33. A Few Professors and a Staring Contest

It was hopeless. No matter how many times she tried, Ally could not erase the memory. The screaming fanwriters, the shades of Blello pouring through the windows, splintered glass tearing through tapestry and table alike...

Sitting in the Canonlaw House bathroom, Ally pressed her forehead against the cool ceramic tiles. Why did they have to blame us? We didn’t do it! she thought, her mind snapping with frustration. Speaking for myself, I have enough pride to call Hogwarts ‘Hogwarts’, not ‘Hoggiewarts’. The Canon Characters have got to lighten up!

“Ally, come out!” called Molly W from the common room. “We have to go to ‘Heredity’ before Hagrid decides to ‘reward’ us by letting us play football with his Skrewts again!”

Sighing, Ally got to her feet and looked in the mirror. A gaunt, beaten face stared back at her, smeared with Blello. Blello. Possibly the most annoying “color” ever, if one could call it that. Some of the fanwriters had remarked that it reminded them of Urple, whatever that was. Blello. It didn’t seem to want to come out, no matter how much Ally scrubbed. Blello. Most aggravating.

Skipping down the steps into the common room, Ally couldn’t help but think of how much she had changed.

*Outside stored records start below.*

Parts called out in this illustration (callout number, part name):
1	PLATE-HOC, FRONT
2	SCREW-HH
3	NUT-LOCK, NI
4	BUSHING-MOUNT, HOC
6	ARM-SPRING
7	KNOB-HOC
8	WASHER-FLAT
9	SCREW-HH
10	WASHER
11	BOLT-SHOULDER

For one thing, Ally certainly looked different than she had that time last autumn when she had written her fanfiction and published it on the Net. Her hair was no longer a bleached blonde, having grown out sufficiently that only the part from her ears down resembled that shade, as the top had returned to mousy brown. The rest was singed, charred, and usually streaked with mud or the various potions that Snape felt the urge to throw at his students when the fanwriters did something abysmally stupid. Such as call him Sevvie-kins. Grandmomma Longlegs had learned that the hard way.

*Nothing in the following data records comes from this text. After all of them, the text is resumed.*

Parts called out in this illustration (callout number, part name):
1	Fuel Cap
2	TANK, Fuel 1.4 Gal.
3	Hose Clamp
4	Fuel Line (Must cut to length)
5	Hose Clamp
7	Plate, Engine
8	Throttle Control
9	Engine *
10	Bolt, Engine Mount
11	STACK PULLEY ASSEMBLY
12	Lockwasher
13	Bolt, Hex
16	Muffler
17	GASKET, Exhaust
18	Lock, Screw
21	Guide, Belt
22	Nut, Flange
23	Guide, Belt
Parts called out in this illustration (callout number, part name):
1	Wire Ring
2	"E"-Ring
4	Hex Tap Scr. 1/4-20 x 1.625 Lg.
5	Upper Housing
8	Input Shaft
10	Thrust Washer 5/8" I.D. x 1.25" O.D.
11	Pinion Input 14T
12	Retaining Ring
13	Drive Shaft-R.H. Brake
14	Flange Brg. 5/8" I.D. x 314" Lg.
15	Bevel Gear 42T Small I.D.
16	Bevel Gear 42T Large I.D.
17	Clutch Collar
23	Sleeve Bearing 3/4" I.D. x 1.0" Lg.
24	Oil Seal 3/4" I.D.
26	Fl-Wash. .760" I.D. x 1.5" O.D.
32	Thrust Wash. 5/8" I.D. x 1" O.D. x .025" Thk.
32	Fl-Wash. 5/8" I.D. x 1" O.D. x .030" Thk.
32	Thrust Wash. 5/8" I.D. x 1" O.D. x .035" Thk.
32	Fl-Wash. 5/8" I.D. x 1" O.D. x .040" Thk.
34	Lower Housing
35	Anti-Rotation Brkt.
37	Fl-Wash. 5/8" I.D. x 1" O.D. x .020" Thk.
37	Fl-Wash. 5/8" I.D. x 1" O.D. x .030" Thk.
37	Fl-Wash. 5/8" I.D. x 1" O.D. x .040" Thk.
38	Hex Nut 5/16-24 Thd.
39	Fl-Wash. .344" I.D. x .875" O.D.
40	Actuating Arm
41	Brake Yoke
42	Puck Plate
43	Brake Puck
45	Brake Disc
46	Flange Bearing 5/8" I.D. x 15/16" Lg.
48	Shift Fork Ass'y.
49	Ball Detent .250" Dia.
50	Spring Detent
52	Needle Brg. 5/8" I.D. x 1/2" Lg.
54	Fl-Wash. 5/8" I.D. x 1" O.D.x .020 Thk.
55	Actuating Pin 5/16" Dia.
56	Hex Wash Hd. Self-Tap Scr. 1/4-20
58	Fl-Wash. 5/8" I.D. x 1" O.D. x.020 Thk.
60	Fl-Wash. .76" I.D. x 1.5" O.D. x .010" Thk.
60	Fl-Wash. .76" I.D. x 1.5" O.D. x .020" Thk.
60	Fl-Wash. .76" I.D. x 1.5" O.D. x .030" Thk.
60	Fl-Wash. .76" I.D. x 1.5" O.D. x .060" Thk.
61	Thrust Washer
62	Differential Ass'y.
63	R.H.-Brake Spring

Ally left the Canonlaw dorms with a pack of her housemates, noticing the stripe of turquoise-yellow that was still dripping on the walls of the corridors. At last they made their way down the main staircase, and Ally realized that she had completely forgotten her textbooks. A slight shudder ran through her veins. Traveling alone was dangerous, especially when it could incite an attack of the Fellowship of the Peeves. Nasty little buggers, the whole crew was plotting something once again, and—

Wait a minute, what if they had done that? Ally stopped in her tracks. The Fellowship of the Peeves was all about annoying things, and Blello was certainly annoying enough to be a Peeves calling card. She bit her lip, then sprinted up to the Canonlaw dorms once again, remembering a little too late to jump the trick step.

She was just passing by the Charms room when a conversation drifted out through the door and stole her attention (just as conversations are wont to do).

“... but it would be in our least interests to fight them; we haven’t the power or the stability to ward off so many. I fear that surrender, complete and utter surrender is the only thing in our future,” said a mournful voice.

“Oh, put a sock in it, Trelawney. The attack yesterday was bad, but it wasn’t terrible enough to worry Quirrell, and anything that moves seems to worry him nowadays.”

“My dear Minerva, Quirrell is not worrying because Ludo slipped sedatives into his pumpkin juice this morning; surely you observed? Oh, of course not. I had been crystal-gazing and saw it in a vision.”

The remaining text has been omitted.